Macquarie Says that Mergers Unlikely for BHP Billition; Company Will Cut Expenses (BHP)
The new CEO of diversified natural resource company BHP Billiton Limited (BHP) Andrew Mackenzie is committed to cutting expenses, getting lean, and increasing productivity as a way to improve margins while the company struggles, according to a report by analysts at Macquarie.
Analysts at Macquarie believe that the company’s current $22 billion in capital expenditures is unsustainable and that there is no reason to commit to any new capital investments in the near term. BHP will more than likely not be searching for any new mergers in the future.
The analysts say that BHP will continue to sell off assets, albeit at a slow pace. For example, the company has taken two years to dump its diamond business.
Investors need to sit tight and be patient as the company is in this transitional period.

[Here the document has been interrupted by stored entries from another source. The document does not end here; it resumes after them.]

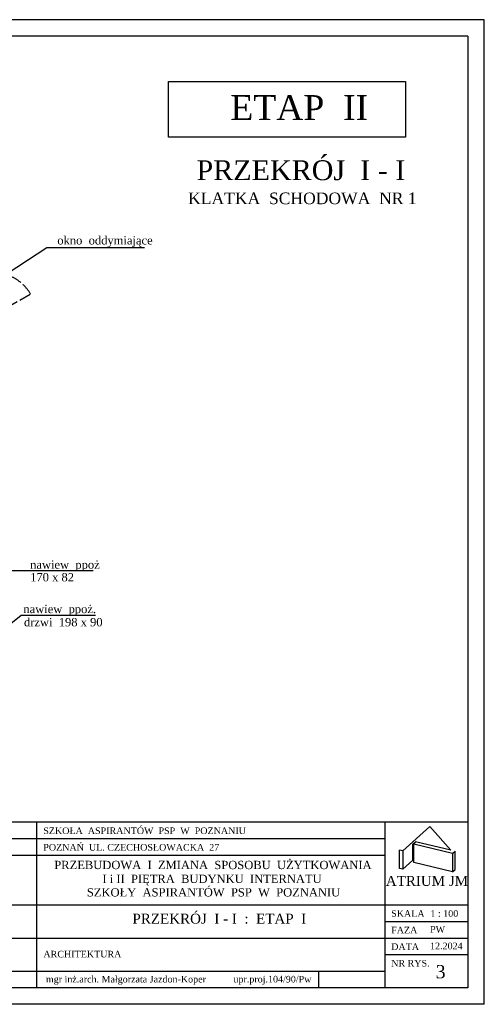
# Model space of a CAD drawing. Extents: x -4334 to 79223, y -1882 to 29514.
# Tile 4 of 60: x 28206 to 29606, y 19678 to 22648. Entities that reach past the tile are written whole.
import ezdxf

# ---------------------------------------------------------------- set-up
doc = ezdxf.new("R2010")
doc.units = 0
doc.header["$MEASUREMENT"] = 0
doc.linetypes.add('ACAD_ISO02W100', pattern=[15, 12, -3])
for name, color, linetype in [('CIENKIE', 251, 'CONTINUOUS'), ('NAPIS', 251, 'CONTINUOUS'), ('PRZERYW', 251, 'ACAD_ISO02W100')]:
    doc.layers.add(name, color=color, linetype=linetype)
doc.styles.add('NEWROMAN', font='TIMES.TTF')

msp = doc.modelspace()

# ---------------------------------------------------------------- linework, layer by layer
at = {"layer": 'CIENKIE', "ltscale": 3}
for p, q in [((29606.36, 22647.76), (25406.36, 22647.76)), ((29606.36, 19677.76), (29606.36, 22647.76)), ((29556.36, 22597.76), (25806.36, 22597.76)), ((29556.36, 22597.76), (29556.36, 19727.76)), ((28287.7, 21960.06), (28124.38, 21853.1)), ((28581.98, 21960.06), (28287.7, 21960.06)), ((28096.47, 20985.88), (28427.64, 20985.88)), ((28126.55, 20785.07), (28210.23, 20852.06)), ((28210.23, 20852.06), (28434.43, 20852.06)), ((29360.94, 20140.57), (29360.94, 20085.57)), ((29510.94, 20132.75), (29510.94, 20077.75)), ((29510.94, 20077.75), (29518.37, 20084.45)), ((29556.36, 19727.76), (25806.36, 19727.76)), ((29606.36, 19677.76), (25406.36, 19677.76))]:
    msp.add_line(p, q, dxfattribs=at)
at = {"layer": 'CIENKIE'}
for p, q in [((27956.36, 20227.76), (29556.36, 20227.76)), ((28256.36, 20227.76), (28256.36, 19727.76)), ((29306.36, 20227.76), (29306.36, 19727.76)), ((29360.94, 20140.57), (29442.68, 20214.17)), ((29442.68, 20214.17), (29505.18, 20142.61)), ((27956.36, 20177.76), (29306.36, 20177.76)), ((29390.66, 20160.6), (29398.99, 20168.11)), ((29505.18, 20142.61), (29398.99, 20168.11)), ((29360.94, 20140.57), (29351.21, 20142.9)), ((29351.21, 20087.9), (29351.21, 20142.9)), ((29390.66, 20112.33), (29390.66, 20160.6)), ((29394.25, 20105.77), (29394.25, 20160.77)), ((29510.94, 20132.75), (29394.25, 20160.77)), ((29510.94, 20132.75), (29518.37, 20139.45)), ((29518.37, 20084.45), (29518.37, 20139.45)), ((27956.36, 20127.76), (29306.36, 20127.76)), ((29360.94, 20085.57), (29390.66, 20112.33)), ((29360.94, 20085.57), (29351.21, 20087.9)), ((29510.94, 20077.75), (29394.25, 20105.77)), ((27956.36, 19977.76), (29556.36, 19977.76)), ((29306.36, 19927.76), (29556.36, 19927.76)), ((27956.36, 19877.76), (29556.36, 19877.76)), ((29306.36, 19827.76), (29556.36, 19827.76)), ((27956.36, 19777.76), (29306.36, 19777.76)), ((29106.36, 19777.76), (29106.36, 19727.76))]:
    msp.add_line(p, q, dxfattribs=at)
msp.add_lwpolyline([(28654.64, 22461.82), (29368.36, 22461.82), (29368.36, 22293.57), (28654.64, 22293.57)], close=True, dxfattribs=at)
at = {"layer": 'PRZERYW', "ltscale": 3}
msp.add_line((28128.34, 21756.97), (28238.33, 21820.47), dxfattribs=at)
msp.add_arc((28128.34, 21756.97), 127, 30, 86.38843, dxfattribs=at)

# ---------------------------------------------------------------- texts
at = {"layer": 'CIENKIE', "style": 'NEWROMAN'}
for s, height, p in [('SZKOŁA  ASPIRANTÓW  PSP  W  POZNANIU', 20, (28277.05, 20191.29)), ('POZNAŃ  UL. CZECHOSŁOWACKA  27', 20, (28277.05, 20141.29)), ('PRZEBUDOWA  I  ZMIANA  SPOSOBU  UŻYTKOWANIA', 25, (28310.17, 20085.59)), ('I i II  PIĘTRA  BUDYNKU  INTERNATU', 25, (28455.42, 20043.7)), ('ATRIUM JM', 30, (29309.48, 20034.98)), ('SZKOŁY  ASPIRANTÓW  PSP  W  POZNANIU', 25, (28408.42, 20003.09)), ('PRZEKRÓJ  I - I  :  ETAP  I', 30, (28545.86, 19921.11)), ('SKALA', 20, (29325.72, 19941.65)), ('1 : 100', 20, (29443.85, 19941.65)), ('FAZA', 20, (29325.72, 19891.65)), ('PW', 20, (29442.91, 19893.78)), ('DATA', 20, (29325.72, 19841.65)), ('12.2024', 20, (29442.91, 19843.78)), ('ARCHITEKTURA', 20, (28277.45, 19819.15)), ('NR RYS.', 20, (29325.72, 19791.65)), ('3', 40, (29459.46, 19756.24)), (' mgr inż.arch. Małgorzata Jazdon-Koper           upr.proj.104/90/Pw', 20, (28277.45, 19743.62))]:
    msp.add_text(s, height=height, dxfattribs=at).set_placement(p)
at = {"layer": 'NAPIS', "ltscale": 3, "style": 'NEWROMAN'}
for s, height, p in [('ETAP  II', 75, (28840.88, 22345.24)), ('PRZEKRÓJ  I - I', 60, (28738.83, 22163.73)), ('KLATKA  SCHODOWA  NR 1', 35, (28713.66, 22091.34)), ('okno  oddymiające', 25, (28319.35, 21969.73)), ('nawiew  ppoż', 25, (28237.46, 20991.58)), ('170 x 82', 25, (28237.46, 20953.56)), ('nawiew  ppoż.', 25, (28217.01, 20857.76)), ('drzwi  198 x 90', 25, (28218.77, 20817.94))]:
    msp.add_text(s, height=height, dxfattribs=at).set_placement(p)

doc.saveas('drawing.dxf')
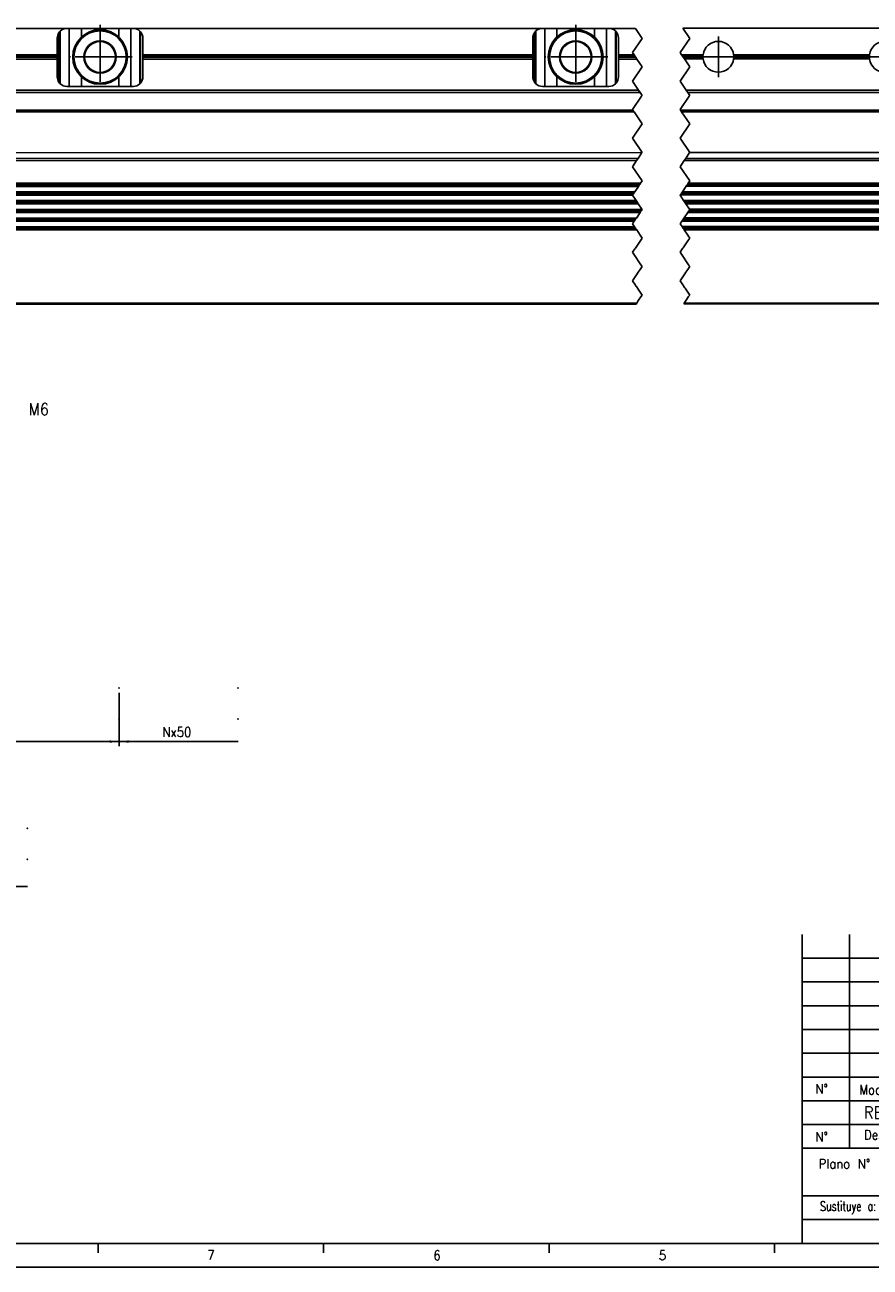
# Model space of a CAD drawing. Header units: millimetres. Extents: x -285 to 1770, y -283 to 203.
# Tile 4 of 30: x -44 to 134, y -217 to 44. Entities that reach past the tile are written whole.
import ezdxf

# ---------------------------------------------------------------- set-up
doc = ezdxf.new("R2010")
doc.units = ezdxf.units.MM
doc.linetypes.add('DOT_CENTER', pattern=[14, 12, -1, 0, -1])
doc.layers.add('1', color=7, linetype='Continuous')
doc.styles.add('CONVERTER_11', font='txt.shx', dxfattribs={"width": 0.9})
doc.styles.add('CONVERTER_13', font='txt.shx', dxfattribs={"width": 0.72})
doc.dimstyles.new('ME10_DIM_10', dxfattribs={"dimtxt": 2, "dimasz": 2, "dimexe": 1, "dimexo": 1, "dimgap": 1, "dimtad": 1, "dimdsep": 46, "dimtxsty": 'CONVERTER_11', "dimsah": 1, "dimcen": 0.09, "dimclrd": 2, "dimclre": 2, "dimclrt": 2, "dimadec": 0, "dimazin": 0, "dimtfac": 1, "dimtdec": 4, "dimtix": 1, "dimtmove": 0, "dimatfit": 3, "dimfxl": 1, "dimtolj": 1, "dimtzin": 0, "dimarcsym": 0})
doc.dimstyles.new('ME10_DIM_11', dxfattribs={"dimtxt": 2, "dimasz": 2, "dimexe": 1, "dimexo": 1, "dimgap": 1, "dimtad": 1, "dimdsep": 46, "dimtxsty": 'CONVERTER_11', "dimsah": 1, "dimcen": 0.09, "dimclrd": 2, "dimclre": 2, "dimclrt": 2, "dimadec": 0, "dimazin": 0, "dimtfac": 1, "dimtdec": 4, "dimtix": 1, "dimtmove": 0, "dimatfit": 3, "dimfxl": 1, "dimtolj": 1, "dimtzin": 0, "dimarcsym": 0})
doc.dimstyles.new('ME10_DIM_12', dxfattribs={"dimtxt": 2, "dimasz": 2, "dimexe": 1, "dimexo": 1, "dimgap": 1, "dimtad": 1, "dimdsep": 46, "dimtxsty": 'CONVERTER_11', "dimsah": 1, "dimcen": 0.09, "dimclrd": 2, "dimclre": 2, "dimclrt": 2, "dimadec": 0, "dimazin": 0, "dimtfac": 1, "dimtdec": 4, "dimtix": 1, "dimtmove": 0, "dimatfit": 3, "dimfxl": 1, "dimtolj": 1, "dimtzin": 0, "dimarcsym": 0})
doc.dimstyles.new('ME10_DIM_13', dxfattribs={"dimtxt": 2, "dimasz": 2, "dimexe": 1, "dimexo": 1, "dimgap": 1, "dimtad": 1, "dimdsep": 46, "dimtxsty": 'CONVERTER_11', "dimsah": 1, "dimcen": 0.09, "dimclrd": 2, "dimclre": 2, "dimclrt": 2, "dimadec": 0, "dimazin": 0, "dimtfac": 1, "dimtdec": 4, "dimtix": 1, "dimtmove": 0, "dimatfit": 3, "dimfxl": 1, "dimtolj": 1, "dimtzin": 0, "dimarcsym": 0})
doc.dimstyles.new('ME10_DIM_14', dxfattribs={"dimtxt": 2, "dimasz": 2, "dimexe": 1, "dimexo": 1, "dimgap": 1, "dimtad": 1, "dimdsep": 46, "dimtxsty": 'CONVERTER_11', "dimsah": 1, "dimcen": 0.09, "dimclrd": 2, "dimclre": 2, "dimclrt": 2, "dimadec": 0, "dimazin": 0, "dimtfac": 1, "dimtdec": 4, "dimtix": 1, "dimtmove": 0, "dimatfit": 3, "dimfxl": 1, "dimtolj": 1, "dimtzin": 0, "dimarcsym": 0})
doc.dimstyles.new('ME10_DIM_15', dxfattribs={"dimtxt": 2, "dimasz": 2, "dimexe": 1, "dimexo": 1, "dimgap": 1, "dimtad": 1, "dimdsep": 46, "dimtxsty": 'CONVERTER_11', "dimsah": 1, "dimcen": 0.09, "dimclrd": 2, "dimclre": 2, "dimclrt": 2, "dimadec": 0, "dimazin": 0, "dimtfac": 1, "dimtdec": 4, "dimtix": 1, "dimtmove": 0, "dimatfit": 3, "dimfxl": 1, "dimtolj": 1, "dimtzin": 0, "dimarcsym": 0})
doc.dimstyles.new('ME10_DIM_16', dxfattribs={"dimtxt": 2, "dimasz": 2, "dimexe": 1, "dimexo": 1, "dimgap": 1, "dimtad": 1, "dimdsep": 46, "dimtxsty": 'CONVERTER_11', "dimsah": 1, "dimcen": 0.09, "dimclrd": 2, "dimclre": 2, "dimclrt": 2, "dimadec": 0, "dimazin": 0, "dimtfac": 1, "dimtdec": 4, "dimtix": 1, "dimtmove": 0, "dimatfit": 3, "dimfxl": 1, "dimtolj": 1, "dimtzin": 0, "dimarcsym": 0})
doc.dimstyles.new('ME10_DIM_17', dxfattribs={"dimtxt": 2, "dimasz": 2, "dimexe": 1, "dimexo": 1, "dimgap": 1, "dimtad": 1, "dimdsep": 46, "dimtxsty": 'CONVERTER_11', "dimsah": 1, "dimcen": 0.09, "dimclrd": 2, "dimclre": 2, "dimclrt": 2, "dimadec": 0, "dimazin": 0, "dimtfac": 1, "dimtdec": 4, "dimtix": 1, "dimtmove": 0, "dimatfit": 3, "dimfxl": 1, "dimtolj": 1, "dimtzin": 0, "dimarcsym": 0})
doc.dimstyles.new('ME10_DIM_18', dxfattribs={"dimtxt": 2, "dimasz": 2, "dimexe": 1, "dimexo": 1, "dimgap": 1, "dimtad": 1, "dimdsep": 46, "dimtxsty": 'CONVERTER_11', "dimsah": 1, "dimcen": 0.09, "dimclrd": 2, "dimclre": 2, "dimclrt": 2, "dimadec": 0, "dimazin": 0, "dimtfac": 1, "dimtdec": 4, "dimtix": 1, "dimtmove": 0, "dimatfit": 3, "dimfxl": 1, "dimtolj": 1, "dimtzin": 0, "dimarcsym": 0})
doc.dimstyles.new('ME10_DIM_19', dxfattribs={"dimtxt": 2, "dimasz": 2, "dimexe": 1, "dimexo": 1, "dimgap": 1, "dimtad": 1, "dimdsep": 46, "dimtxsty": 'CONVERTER_11', "dimsah": 1, "dimcen": 0.09, "dimclrd": 2, "dimclre": 2, "dimclrt": 2, "dimadec": 0, "dimazin": 0, "dimtfac": 1, "dimtdec": 4, "dimtix": 1, "dimtmove": 0, "dimatfit": 3, "dimfxl": 1, "dimtolj": 1, "dimtzin": 0, "dimarcsym": 0})

# ---------------------------------------------------------------- blocks, each defined once
blk = doc.blocks.new('*D52')
at = {"layer": '1', "color": 2, "linetype": 'Continuous'}
for p, q in [((-124.39, -96.19), (-124.39, -107.44)), ((-74.39, -96.19), (-74.39, -107.44)), ((-124.39, -106.44), (-74.39, -106.44))]:
    blk.add_line(p, q, dxfattribs=at)
at = {"layer": '1', "color": 2}
for points in [[(-122.39, -106.18), (-122.39, -106.7), (-124.39, -106.44)], [(-76.39, -106.7), (-76.39, -106.18), (-74.39, -106.44)]]:
    blk.add_solid(points, dxfattribs=at)
at = {"layer": '1', "color": 2, "insert": (-103.02, -105.44), "char_height": 2, "attachment_point": 7, "rotation": 0.0001, "line_spacing_factor": 0.60024, "style": 'CONVERTER_11'}
blk.add_mtext('50', dxfattribs=at)
blk = doc.blocks.new('*D53')
at = {"layer": '1', "color": 2, "linetype": 'Continuous'}
for p, q in [((-74.39, -96.19), (-74.39, -107.44)), ((-24.39, -96.19), (-24.39, -107.44)), ((-74.39, -106.44), (-24.39, -106.44))]:
    blk.add_line(p, q, dxfattribs=at)
at = {"layer": '1', "color": 2}
for points in [[(-72.39, -106.18), (-72.39, -106.7), (-74.39, -106.44)], [(-26.39, -106.7), (-26.39, -106.18), (-24.39, -106.44)]]:
    blk.add_solid(points, dxfattribs=at)
at = {"layer": '1', "color": 2, "insert": (-53.64, -105.44), "char_height": 2, "attachment_point": 7, "rotation": 0.0001, "line_spacing_factor": 0.60024, "style": 'CONVERTER_11'}
blk.add_mtext('50', dxfattribs=at)
blk = doc.blocks.new('*D54')
at = {"layer": '1', "color": 2, "linetype": 'Continuous'}
for p, q in [((-139.39, -125.71), (-139.39, -137.96)), ((-119.39, -125.71), (-119.39, -137.96)), ((-139.39, -136.96), (-119.39, -136.96))]:
    blk.add_line(p, q, dxfattribs=at)
at = {"layer": '1', "color": 2}
for points in [[(-137.39, -136.7), (-137.39, -137.23), (-139.39, -136.96)], [(-121.39, -137.23), (-121.39, -136.7), (-119.39, -136.96)]]:
    blk.add_solid(points, dxfattribs=at)
at = {"layer": '1', "color": 2, "insert": (-130.89, -135.96), "char_height": 2, "attachment_point": 7, "rotation": 0.0001, "line_spacing_factor": 0.60024, "style": 'CONVERTER_11'}
blk.add_mtext('20', dxfattribs=at)
blk = doc.blocks.new('*D55')
at = {"layer": '1', "color": 2, "linetype": 'Continuous'}
for p, q in [((-119.39, -125.71), (-119.39, -137.96)), ((-99.39, -125.71), (-99.39, -137.96)), ((-119.39, -136.96), (-99.39, -136.96))]:
    blk.add_line(p, q, dxfattribs=at)
at = {"layer": '1', "color": 2}
for points in [[(-117.39, -136.7), (-117.39, -137.23), (-119.39, -136.96)], [(-101.39, -137.23), (-101.39, -136.7), (-99.39, -136.96)]]:
    blk.add_solid(points, dxfattribs=at)
at = {"layer": '1', "color": 2, "insert": (-110.89, -135.96), "char_height": 2, "attachment_point": 7, "rotation": 0.0001, "line_spacing_factor": 0.60024, "style": 'CONVERTER_11'}
blk.add_mtext('20', dxfattribs=at)
blk = doc.blocks.new('*D56')
at = {"layer": '1', "color": 2, "linetype": 'Continuous'}
for p, q in [((-99.39, -125.71), (-99.39, -137.96)), ((-79.39, -125.71), (-79.39, -137.96)), ((-99.39, -136.96), (-79.39, -136.96))]:
    blk.add_line(p, q, dxfattribs=at)
at = {"layer": '1', "color": 2}
for points in [[(-97.39, -136.7), (-97.39, -137.23), (-99.39, -136.96)], [(-81.39, -137.23), (-81.39, -136.7), (-79.39, -136.96)]]:
    blk.add_solid(points, dxfattribs=at)
at = {"layer": '1', "color": 2, "insert": (-90.89, -135.96), "char_height": 2, "attachment_point": 7, "rotation": 0.0001, "line_spacing_factor": 0.60024, "style": 'CONVERTER_11'}
blk.add_mtext('20', dxfattribs=at)
blk = doc.blocks.new('*D57')
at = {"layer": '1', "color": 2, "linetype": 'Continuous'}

Macquarie currently rates BHP as “Neutral.”
BHP Billiton shares were down 85 cents, or -1.14%, during pre-market trading on Friday. The stock is down -3.77% over the past twelve months.
The Bottom Line
Shares of BHP Billiton (BHP) have a dividend yield of 2.70% based on last night’s closing price of $74.86 and the company’s annualized dividend payout of $2.02 per share.
BHP Billiton Limited (BHP) is not recommended at this time, holding a Dividend.com DARS™ Rating of 3.1 out of 5 stars.